What you are asked to do — Locate each line below that includes "ratio" and reproduce it.

***** Input material

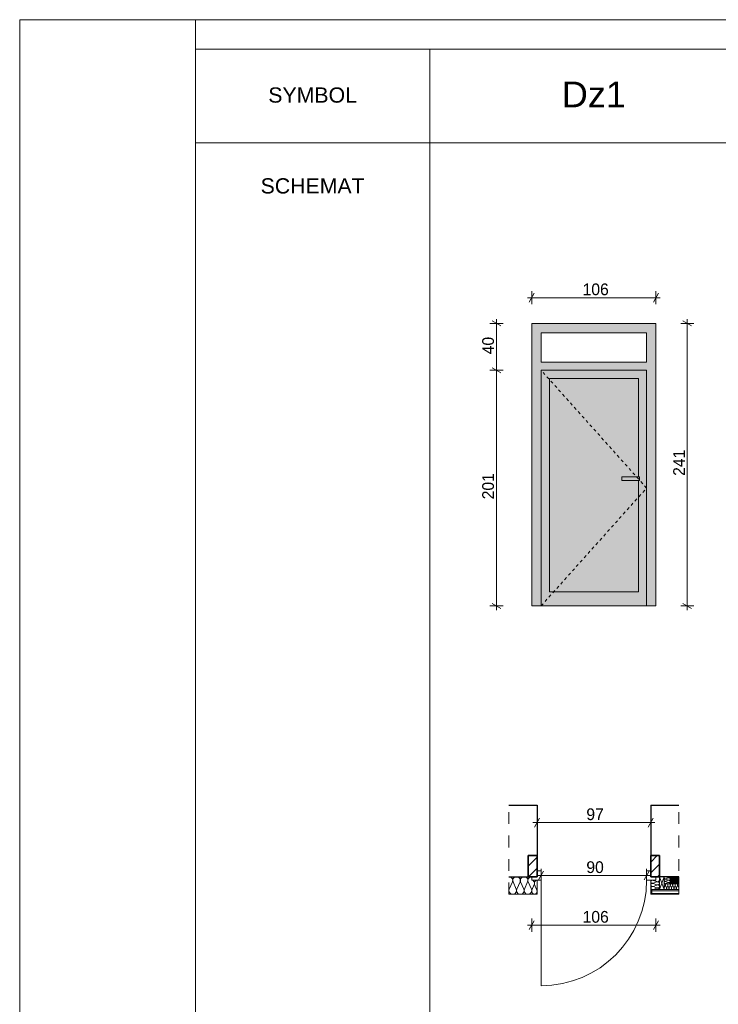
# Model space of a CAD drawing. Extents: x -35111 to 36054, y 5521 to 20371.
# Tile 4 of 6: x 15154 to 21116, y 11972 to 20371. Entities that reach past the tile are written whole.
import ezdxf

# ---------------------------------------------------------------- set-up
doc = ezdxf.new("R2010")
doc.units = 0
doc.header["$MEASUREMENT"] = 0
doc.linetypes.add('Hidden Line', pattern=[50, 25, -25])
doc.linetypes.add('Przerywana', pattern=[200, 100, -100])
for name, color, linetype, lineweight in [('Arch drzwi_Nr_Pióra__10', 134, 'Continuous', 18), ('Arch ocieplenie_Nr_Pióra__21', 7, 'Continuous', 13), ('Arch ocieplenie_Nr_Pióra__95', 6, 'Continuous', 13), ('Arch opisy okien_Nr_Pióra__1', 7, 'Continuous', 25), ('Arch opisy_Nr_Pióra__21', 7, 'Continuous', 13), ('ARCH TABELA_Nr_Pióra__21', 7, 'Continuous', 13), ('Arch wymiary_Nr_Pióra__5', 7, 'Continuous', 13), ('Arch zmurowania_Nr_Pióra__21', 7, 'Continuous', 13), ('Arch zmurowania_Nr_Pióra__27', 7, 'Continuous', 35), ('INWENT. DRZWI_Nr_Pióra__5', 7, 'Continuous', 13), ('INWENT.ŚCIANY_Nr_Pióra__1', 7, 'Continuous', 25), ('INWENT.ŚCIANY_Nr_Pióra__21', 7, 'Continuous', 13), ('INWENT.ŚCIANY_Nr_Pióra__5', 7, 'Continuous', 13)]:
    doc.layers.add(name, color=color, linetype=linetype, lineweight=lineweight)
for name, color, linetype in [('Arch ocieplenie', 7, 'Continuous'), ('Arch wymiary', 7, 'Continuous'), ('Arch zmurowania', 7, 'Continuous')]:
    doc.layers.add(name, color=color, linetype=linetype)
for name, color, linetype, lineweight, true_color in [('Arch ocieplenie_Nr_Pióra__44', 7, 'Continuous', 18, 0x029e21), ('Arch ocieplenie_Nr_Pióra__9', 7, 'Continuous', 13, 0x3dad99), ('Arch wykończenie_Nr_Pióra__3', 7, 'Continuous', 18, 0xff6600), ('Arch wykończenie_Nr_Pióra__9', 7, 'Continuous', 13, 0x3dad99), ('arch wypelnienia_Nr_Pióra__88', 7, 'Continuous', 20, 0xfd4435)]:
    doc.layers.add(name, color=color, linetype=linetype, lineweight=lineweight, true_color=true_color)
doc.styles.add('GENERATED_STYLE_1', font='txt')
doc.styles.add('GENERATED_STYLE_2', font='arial.ttf')
doc.styles.add('GENERATED_STYLE_3', font='arial.ttf')
doc.dimstyles.new('GENERATED_STYLE__1', dxfattribs={"dimtxt": 100, "dimasz": 57, "dimexe": 0.18, "dimexo": 0, "dimgap": 0.09, "dimtad": 1, "dimtih": 1, "dimtoh": 1, "dimdec": 0, "dimlfac": 0.1, "dimzin": 0, "dimdsep": 46, "dimtxsty": 'GENERATED_STYLE_1', "dimblk": 'ARROWHEAD_2', "dimblk1": 'ARROWHEAD_2', "dimblk2": 'ARROWHEAD_2', "dimcen": 0.09, "dimclrd": 7, "dimclre": 7, "dimclrt": 7, "dimadec": 0, "dimazin": 0, "dimtfac": 1, "dimtdec": 4, "dimtmove": 0, "dimatfit": 3, "dimfxl": 0, "dimtolj": 1, "dimtzin": 0, "dimarcsym": 0})
doc.dimstyles.new('GENERATED_STYLE__2', dxfattribs={"dimtxt": 100, "dimasz": 57, "dimexe": 0.18, "dimexo": 0, "dimgap": 0.09, "dimtad": 1, "dimdec": 0, "dimlfac": 0.1, "dimzin": 0, "dimdsep": 46, "dimtxsty": 'GENERATED_STYLE_1', "dimblk": 'ARROWHEAD_2', "dimblk1": 'ARROWHEAD_2', "dimblk2": 'ARROWHEAD_2', "dimcen": 0.09, "dimclrd": 7, "dimclre": 7, "dimclrt": 7, "dimadec": 0, "dimazin": 0, "dimtfac": 1, "dimtdec": 4, "dimtmove": 0, "dimatfit": 3, "dimfxl": 0, "dimtolj": 1, "dimtzin": 0, "dimarcsym": 0})
pattern_1 = [(45, (0, 0), (-45.96194, 45.96194), [])]

# ---------------------------------------------------------------- blocks, each defined once
blk = doc.blocks.new('Izolacja cieplna 14_1', base_point=(20779.1, 13000.6))
at = {"layer": 'Arch ocieplenie_Nr_Pióra__44', "linetype": 'Continuous'}
for p, q in [((20663.6, 12985.7), (20655, 12965.5)), ((20674.1, 12965.5), (20665.4, 12985.7)), ((20684.5, 12985.7), (20675.8, 12965.5)), ((20694.9, 12965.5), (20686.2, 12985.7)), ((20705.3, 12985.7), (20696.6, 12965.5)), ((20715.7, 12965.5), (20707.1, 12985.7)), ((20726.1, 12985.7), (20717.5, 12965.5)), ((20736.6, 12965.5), (20727.9, 12985.7)), ((20747, 12985.7), (20738.3, 12965.5)), ((20757.4, 12965.5), (20748.7, 12985.7)), ((20767.8, 12985.7), (20759.1, 12965.5)), ((20778.2, 12965.5), (20769.6, 12985.7))]:
    blk.add_line(p, q, dxfattribs=at)
for centre, start_param, end_param in [((20664.5, 12961.3), 4.299595, 8.266775), ((20654.1, 12990), 1.158004, 3.141593), ((20674.9, 12990), 1.158004, 5.125183), ((20685.3, 12961.3), 4.299595, 8.266775), ((20695.8, 12990), 1.158004, 5.125183), ((20706.2, 12961.3), 4.299595, 8.266775), ((20716.6, 12990), 1.158004, 5.125183), ((20727, 12961.3), 4.299595, 8.266775), ((20737.4, 12990), 1.158004, 5.125183), ((20747.8, 12961.3), 4.299595, 8.266775), ((20758.3, 12990), 1.158004, 5.125183), ((20768.7, 12961.3), 4.299595, 8.266775), ((20779.1, 12990), 3.141593, 5.125182)]:
    blk.add_ellipse(centre, major_axis=(0, -10.6), ratio=0.979555, start_param=start_param, end_param=end_param, dxfattribs=at)
blk = doc.blocks.new('Izolacja cieplna 14_2', base_point=(20614.1, 12950.6))
at = {"layer": 'Arch ocieplenie_Nr_Pióra__44', "linetype": 'Continuous'}
for p, q in [((20591.7, 13018.4), (20561.4, 13029.5)), ((20561.4, 13005.1), (20591.7, 13016.2)), ((20591.7, 12991.7), (20561.4, 13002.8)), ((20561.4, 12978.4), (20591.7, 12989.5)), ((20591.7, 12965.1), (20561.4, 12976.2)), ((20561.4, 12951.7), (20591.7, 12962.8))]:
    blk.add_line(p, q, dxfattribs=at)
for centre, start_param, end_param in [((20555, 13017.3), 4.299595, 8.266775), ((20598.1, 13030.6), 1.158004, 3.141593), ((20598.1, 13004), 1.158004, 5.125183), ((20555, 12990.6), 4.299595, 8.266775), ((20555, 12964), 4.299595, 8.266775), ((20598.1, 12977.3), 1.158004, 5.125183), ((20598.1, 12950.6), 3.141593, 5.125182)]:
    blk.add_ellipse(centre, major_axis=(-16, 0), ratio=0.835908, start_param=start_param, end_param=end_param, dxfattribs=at)
blk = doc.blocks.new('Izolacja cieplna 14_3', base_point=(20704.1, 13000.6))
at = {"layer": 'Arch ocieplenie_Nr_Pióra__44', "linetype": 'Continuous'}
for p, q in [((20689.2, 13051.5), (20669, 13059.8)), ((20669, 13041.5), (20689.2, 13049.8)), ((20689.2, 13031.5), (20669, 13039.8)), ((20669, 13021.5), (20689.2, 13029.8)), ((20689.2, 13011.5), (20669, 13019.8)), ((20669, 13001.5), (20689.2, 13009.8))]:
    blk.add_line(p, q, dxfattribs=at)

**********

Answer space —
    blk.add_ellipse(centre, major_axis=(0, -10.6), ratio=0.979555, start_param=start_param, end_param=end_param, dxfattribs=at)
    blk.add_ellipse(centre, major_axis=(-16, 0), ratio=0.835908, start_param=start_param, end_param=end_param, dxfattribs=at)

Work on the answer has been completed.